# Pimple



## ronanpoirier

Who doesn't hate pimples???

Especially when they hurt as hell and they appear at the morning of that big party  

So how's it in your language?


----------



## Heba

In Arabic:
It is بثرة (bathra) or  دمل صغير (demel sagheer)


----------



## Cecilio

In Spanish: "grano" or "espinilla".


----------



## Whodunit

In German, we call it "*Pickel*" (the plural looks like the singular).


----------



## Maja

In Serbian: "*bubuljica*" or "*akna*" (pl. bubuljice / akne) but there is also a number of slang terms.


----------



## Flaminius

*Japanese:*
にきび
nikibi


----------



## Ilmo

Finnish:
a pimple is in Finnish *finni*
Don't laugh at us, the word is not derived from the (foreign) name of our nationality, "a finn" is in Finnish "suomalainen".
The word has come to us from Swedish, where "a pimple" is "en finne" and by the way means simultaneously "a finn".
There is also another Finnish word for a pimple, that is *näppylä*


----------



## parakseno

In Romanian they're called "coş(sg.) / coşuri (pl)" in everyday speech.
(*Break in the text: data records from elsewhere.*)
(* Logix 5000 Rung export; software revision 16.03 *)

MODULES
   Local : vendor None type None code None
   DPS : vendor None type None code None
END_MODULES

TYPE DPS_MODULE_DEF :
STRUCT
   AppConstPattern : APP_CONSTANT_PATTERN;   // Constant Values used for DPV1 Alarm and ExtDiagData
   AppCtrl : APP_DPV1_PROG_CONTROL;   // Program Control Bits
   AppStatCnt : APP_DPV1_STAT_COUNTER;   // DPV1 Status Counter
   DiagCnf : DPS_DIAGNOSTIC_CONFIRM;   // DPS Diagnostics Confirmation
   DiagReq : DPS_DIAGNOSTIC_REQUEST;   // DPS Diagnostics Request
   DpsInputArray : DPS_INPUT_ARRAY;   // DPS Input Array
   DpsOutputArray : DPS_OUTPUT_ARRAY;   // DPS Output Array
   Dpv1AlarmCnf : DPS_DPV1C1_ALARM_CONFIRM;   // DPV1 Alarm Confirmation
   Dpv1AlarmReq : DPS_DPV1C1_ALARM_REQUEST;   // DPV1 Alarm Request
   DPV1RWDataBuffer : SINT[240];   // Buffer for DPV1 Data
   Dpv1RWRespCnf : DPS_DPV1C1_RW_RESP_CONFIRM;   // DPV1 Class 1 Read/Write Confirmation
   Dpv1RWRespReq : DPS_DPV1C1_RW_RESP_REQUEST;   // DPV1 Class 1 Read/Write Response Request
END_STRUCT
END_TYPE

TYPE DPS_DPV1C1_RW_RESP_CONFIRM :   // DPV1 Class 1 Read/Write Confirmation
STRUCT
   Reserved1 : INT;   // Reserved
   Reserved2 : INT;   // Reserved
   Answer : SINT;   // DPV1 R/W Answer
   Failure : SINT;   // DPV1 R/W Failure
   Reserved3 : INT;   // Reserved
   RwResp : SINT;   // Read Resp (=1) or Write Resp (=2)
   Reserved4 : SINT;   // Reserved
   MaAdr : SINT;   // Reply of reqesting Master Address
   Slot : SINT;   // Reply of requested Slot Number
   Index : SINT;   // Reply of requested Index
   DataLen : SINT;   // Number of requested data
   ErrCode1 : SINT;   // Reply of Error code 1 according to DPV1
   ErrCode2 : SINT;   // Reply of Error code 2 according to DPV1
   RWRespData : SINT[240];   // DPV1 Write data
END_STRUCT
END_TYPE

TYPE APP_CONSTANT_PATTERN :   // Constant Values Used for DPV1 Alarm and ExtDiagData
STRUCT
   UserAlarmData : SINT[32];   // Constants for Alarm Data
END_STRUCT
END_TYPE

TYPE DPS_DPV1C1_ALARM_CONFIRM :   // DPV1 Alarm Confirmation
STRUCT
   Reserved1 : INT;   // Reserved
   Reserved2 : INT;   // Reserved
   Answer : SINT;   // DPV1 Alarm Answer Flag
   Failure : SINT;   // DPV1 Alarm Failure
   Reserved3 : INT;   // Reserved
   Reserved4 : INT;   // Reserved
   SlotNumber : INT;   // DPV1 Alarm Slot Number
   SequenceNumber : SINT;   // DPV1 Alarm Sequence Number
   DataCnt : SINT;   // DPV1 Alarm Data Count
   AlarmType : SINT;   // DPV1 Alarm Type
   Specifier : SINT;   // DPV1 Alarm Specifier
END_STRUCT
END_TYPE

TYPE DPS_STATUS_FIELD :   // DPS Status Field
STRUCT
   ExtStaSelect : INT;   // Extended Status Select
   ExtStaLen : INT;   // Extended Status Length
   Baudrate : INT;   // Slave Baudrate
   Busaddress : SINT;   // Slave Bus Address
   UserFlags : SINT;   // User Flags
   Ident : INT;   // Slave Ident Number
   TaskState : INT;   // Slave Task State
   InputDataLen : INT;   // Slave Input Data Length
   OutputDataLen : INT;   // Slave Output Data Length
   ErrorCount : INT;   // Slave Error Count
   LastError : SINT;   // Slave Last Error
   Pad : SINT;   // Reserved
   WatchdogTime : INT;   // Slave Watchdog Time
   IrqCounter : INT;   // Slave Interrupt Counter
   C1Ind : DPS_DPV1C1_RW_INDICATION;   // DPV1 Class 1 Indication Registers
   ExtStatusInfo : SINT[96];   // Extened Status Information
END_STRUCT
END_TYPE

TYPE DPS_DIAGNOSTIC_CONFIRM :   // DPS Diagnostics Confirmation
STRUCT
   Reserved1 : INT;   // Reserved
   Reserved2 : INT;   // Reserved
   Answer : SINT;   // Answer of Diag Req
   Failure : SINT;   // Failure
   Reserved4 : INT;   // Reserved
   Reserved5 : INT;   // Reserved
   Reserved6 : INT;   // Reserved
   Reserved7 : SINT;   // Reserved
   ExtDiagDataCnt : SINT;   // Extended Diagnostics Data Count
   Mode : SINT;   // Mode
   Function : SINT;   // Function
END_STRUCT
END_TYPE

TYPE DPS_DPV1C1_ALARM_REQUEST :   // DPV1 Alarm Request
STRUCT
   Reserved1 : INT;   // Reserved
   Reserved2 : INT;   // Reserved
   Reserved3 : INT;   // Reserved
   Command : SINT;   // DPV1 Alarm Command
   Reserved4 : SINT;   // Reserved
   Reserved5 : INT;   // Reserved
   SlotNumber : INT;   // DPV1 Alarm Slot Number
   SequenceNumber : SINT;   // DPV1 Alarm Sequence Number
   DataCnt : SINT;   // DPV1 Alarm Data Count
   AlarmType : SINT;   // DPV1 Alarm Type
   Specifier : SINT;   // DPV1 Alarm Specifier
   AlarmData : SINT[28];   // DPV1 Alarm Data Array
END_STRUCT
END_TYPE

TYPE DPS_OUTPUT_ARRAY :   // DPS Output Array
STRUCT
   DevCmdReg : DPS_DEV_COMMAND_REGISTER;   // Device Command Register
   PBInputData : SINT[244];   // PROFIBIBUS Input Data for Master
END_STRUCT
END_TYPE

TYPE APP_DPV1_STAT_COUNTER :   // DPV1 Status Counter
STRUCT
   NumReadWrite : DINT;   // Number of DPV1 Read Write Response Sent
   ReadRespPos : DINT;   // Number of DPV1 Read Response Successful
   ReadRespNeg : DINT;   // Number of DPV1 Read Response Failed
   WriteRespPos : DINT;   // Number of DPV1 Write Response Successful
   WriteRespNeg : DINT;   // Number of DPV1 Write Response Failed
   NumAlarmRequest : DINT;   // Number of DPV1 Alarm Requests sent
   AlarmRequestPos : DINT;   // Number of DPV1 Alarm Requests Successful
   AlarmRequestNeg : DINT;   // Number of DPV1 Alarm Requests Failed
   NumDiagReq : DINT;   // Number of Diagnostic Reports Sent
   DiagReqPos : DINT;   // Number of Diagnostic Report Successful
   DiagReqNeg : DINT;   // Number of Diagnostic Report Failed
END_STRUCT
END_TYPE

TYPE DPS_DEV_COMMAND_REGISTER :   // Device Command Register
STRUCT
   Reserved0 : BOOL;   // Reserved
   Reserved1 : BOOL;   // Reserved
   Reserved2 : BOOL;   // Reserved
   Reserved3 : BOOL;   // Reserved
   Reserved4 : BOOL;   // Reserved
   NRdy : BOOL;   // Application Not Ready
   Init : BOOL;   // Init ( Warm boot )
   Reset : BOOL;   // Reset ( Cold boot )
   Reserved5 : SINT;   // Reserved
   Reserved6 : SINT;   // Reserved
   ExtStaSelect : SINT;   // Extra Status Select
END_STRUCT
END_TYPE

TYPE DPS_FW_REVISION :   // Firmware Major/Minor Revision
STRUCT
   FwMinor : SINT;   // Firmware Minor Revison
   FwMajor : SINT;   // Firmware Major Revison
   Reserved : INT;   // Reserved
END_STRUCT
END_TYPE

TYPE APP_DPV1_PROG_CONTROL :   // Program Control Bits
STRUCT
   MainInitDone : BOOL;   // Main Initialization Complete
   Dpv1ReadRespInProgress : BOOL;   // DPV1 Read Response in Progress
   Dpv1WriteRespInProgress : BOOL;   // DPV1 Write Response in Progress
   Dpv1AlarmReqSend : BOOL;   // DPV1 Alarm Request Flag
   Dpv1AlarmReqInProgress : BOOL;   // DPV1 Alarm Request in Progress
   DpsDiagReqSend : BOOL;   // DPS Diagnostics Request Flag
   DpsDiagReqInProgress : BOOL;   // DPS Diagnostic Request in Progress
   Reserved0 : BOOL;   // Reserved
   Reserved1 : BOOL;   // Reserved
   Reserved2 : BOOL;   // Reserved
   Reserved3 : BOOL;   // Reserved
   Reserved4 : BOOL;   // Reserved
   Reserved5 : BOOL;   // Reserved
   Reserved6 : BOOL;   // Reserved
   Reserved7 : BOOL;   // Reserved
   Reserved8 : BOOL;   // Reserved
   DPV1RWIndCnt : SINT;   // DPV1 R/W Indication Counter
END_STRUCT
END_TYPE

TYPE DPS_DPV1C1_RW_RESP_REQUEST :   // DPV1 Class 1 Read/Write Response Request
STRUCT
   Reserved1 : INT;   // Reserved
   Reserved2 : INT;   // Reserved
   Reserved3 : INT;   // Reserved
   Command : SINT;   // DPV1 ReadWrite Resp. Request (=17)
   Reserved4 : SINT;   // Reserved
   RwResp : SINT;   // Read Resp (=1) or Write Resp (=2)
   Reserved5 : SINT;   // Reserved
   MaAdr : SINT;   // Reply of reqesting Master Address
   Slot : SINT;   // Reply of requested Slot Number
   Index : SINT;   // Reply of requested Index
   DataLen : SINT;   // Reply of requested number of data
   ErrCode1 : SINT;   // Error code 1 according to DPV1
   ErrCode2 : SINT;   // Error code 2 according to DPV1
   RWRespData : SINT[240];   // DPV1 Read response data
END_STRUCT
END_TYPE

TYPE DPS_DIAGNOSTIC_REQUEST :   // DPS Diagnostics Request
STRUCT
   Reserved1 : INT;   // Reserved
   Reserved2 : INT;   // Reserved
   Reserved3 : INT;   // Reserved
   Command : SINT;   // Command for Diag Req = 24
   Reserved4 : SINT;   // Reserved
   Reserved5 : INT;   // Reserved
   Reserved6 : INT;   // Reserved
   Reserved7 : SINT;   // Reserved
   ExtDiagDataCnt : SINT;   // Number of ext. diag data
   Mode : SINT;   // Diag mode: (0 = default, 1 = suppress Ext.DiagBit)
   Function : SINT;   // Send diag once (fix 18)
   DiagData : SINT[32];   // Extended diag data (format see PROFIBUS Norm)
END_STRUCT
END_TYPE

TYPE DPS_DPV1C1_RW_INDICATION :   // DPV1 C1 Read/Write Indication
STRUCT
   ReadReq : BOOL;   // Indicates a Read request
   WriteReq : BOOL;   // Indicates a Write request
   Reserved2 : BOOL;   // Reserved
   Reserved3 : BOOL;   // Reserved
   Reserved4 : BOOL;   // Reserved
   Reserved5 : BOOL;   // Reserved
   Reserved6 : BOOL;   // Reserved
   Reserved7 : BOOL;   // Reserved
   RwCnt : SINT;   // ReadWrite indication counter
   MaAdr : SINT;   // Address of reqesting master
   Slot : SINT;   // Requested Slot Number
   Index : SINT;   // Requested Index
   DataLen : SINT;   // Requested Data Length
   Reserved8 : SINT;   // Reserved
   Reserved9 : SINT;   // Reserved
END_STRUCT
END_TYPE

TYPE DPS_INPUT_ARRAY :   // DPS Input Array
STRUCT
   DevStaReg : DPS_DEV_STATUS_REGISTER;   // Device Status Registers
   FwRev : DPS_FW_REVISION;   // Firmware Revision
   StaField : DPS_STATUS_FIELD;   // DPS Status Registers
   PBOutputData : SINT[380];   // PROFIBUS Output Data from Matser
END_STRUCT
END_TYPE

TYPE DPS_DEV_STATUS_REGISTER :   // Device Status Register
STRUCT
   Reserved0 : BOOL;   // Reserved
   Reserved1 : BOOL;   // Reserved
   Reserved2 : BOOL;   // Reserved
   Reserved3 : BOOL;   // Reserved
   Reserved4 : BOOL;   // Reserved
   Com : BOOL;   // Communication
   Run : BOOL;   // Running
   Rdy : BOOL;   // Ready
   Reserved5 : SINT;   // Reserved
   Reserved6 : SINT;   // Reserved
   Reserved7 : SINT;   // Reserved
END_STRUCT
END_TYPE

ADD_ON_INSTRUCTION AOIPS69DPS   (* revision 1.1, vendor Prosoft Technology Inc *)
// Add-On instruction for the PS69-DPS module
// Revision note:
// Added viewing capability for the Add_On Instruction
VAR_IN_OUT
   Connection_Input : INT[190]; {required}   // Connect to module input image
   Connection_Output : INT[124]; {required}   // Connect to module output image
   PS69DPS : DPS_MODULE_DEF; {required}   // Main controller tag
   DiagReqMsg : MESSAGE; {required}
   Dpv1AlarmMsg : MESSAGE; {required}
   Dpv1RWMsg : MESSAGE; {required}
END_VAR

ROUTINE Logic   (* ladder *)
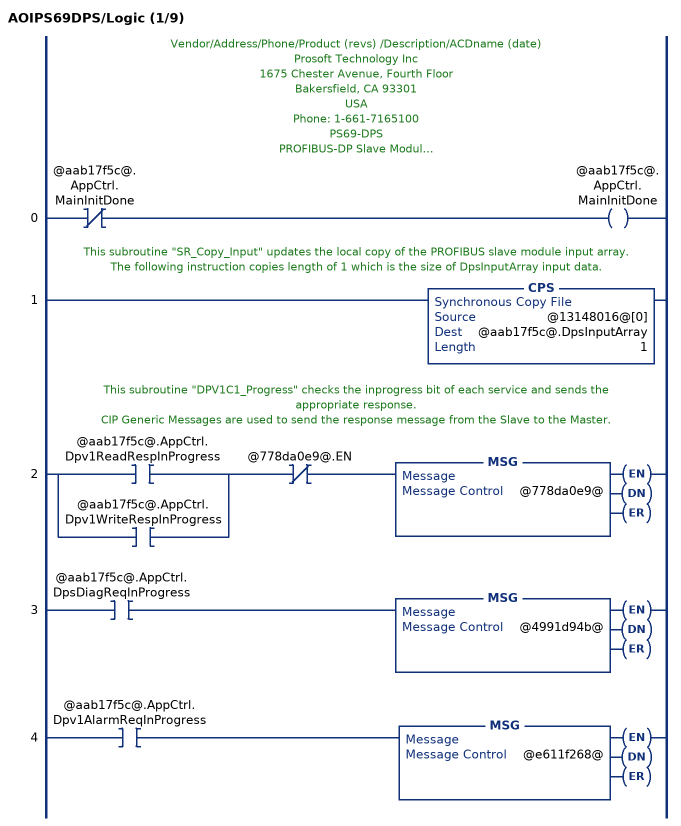
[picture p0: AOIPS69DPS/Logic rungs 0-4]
   // Vendor/Address/Phone/Product (revs) /Description/ACDname (date)
   // Prosoft Technology Inc
   // 1675 Chester Avenue, Fourth Floor
   // Bakersfield, CA 93301
   // USA
   // Phone: 1-661-7165100
   // PS69-DPS
   // PROFIBUS-DP Slave Module
   // PS69_DPS_messaging_L32E.ACD (Rev1.0) (07/28/05)
   // Although this program has been developed with great care and intensively tested,
   // Prosoft Technology Inc cannot guarantee the suitability of this program
   // for any purpose not confirmed by us in writing.
   // We reserve the right to modify our products and their specifications at any time in as far as this contributes to technical progress.
   // The version of the manual supplied with the program applies.
   // This program is a basic example RSLogix5000 project used for sending PROFIBUS messages to the communication module "PS69-DPS". This project provides an example for every supported PROFIBUS message by the module.
   // For detailed information about the these messages (functionality, parameters, error codes etc. ) refer to the module User Manual document.
   // This Rung calls all init routines for one time, to initialize the PROFIBUS commands.
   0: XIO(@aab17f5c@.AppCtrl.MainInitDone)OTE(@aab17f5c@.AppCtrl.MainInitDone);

It literally means "basket", but it also means "chimney".


----------



## vince

French:
un bouton

Cantonese:
暗瘡 (am chong)

Mandarin:
丘疹 (qiu zhen) / 面皰 (mian pao)

Portuguese:
uma espinha


----------



## Outsider

vince said:


> Portuguese:
> uma espinha


Ou borbulha.


----------



## linguist786

In *Gujarati*, we say "phullaa" (meaning "spots"). If we want to emphasise that they are the _small_ pimples, we just add the word for "small" in front of it, giving us:

"nannaa nannaa phullaa" (lit. "small small spots")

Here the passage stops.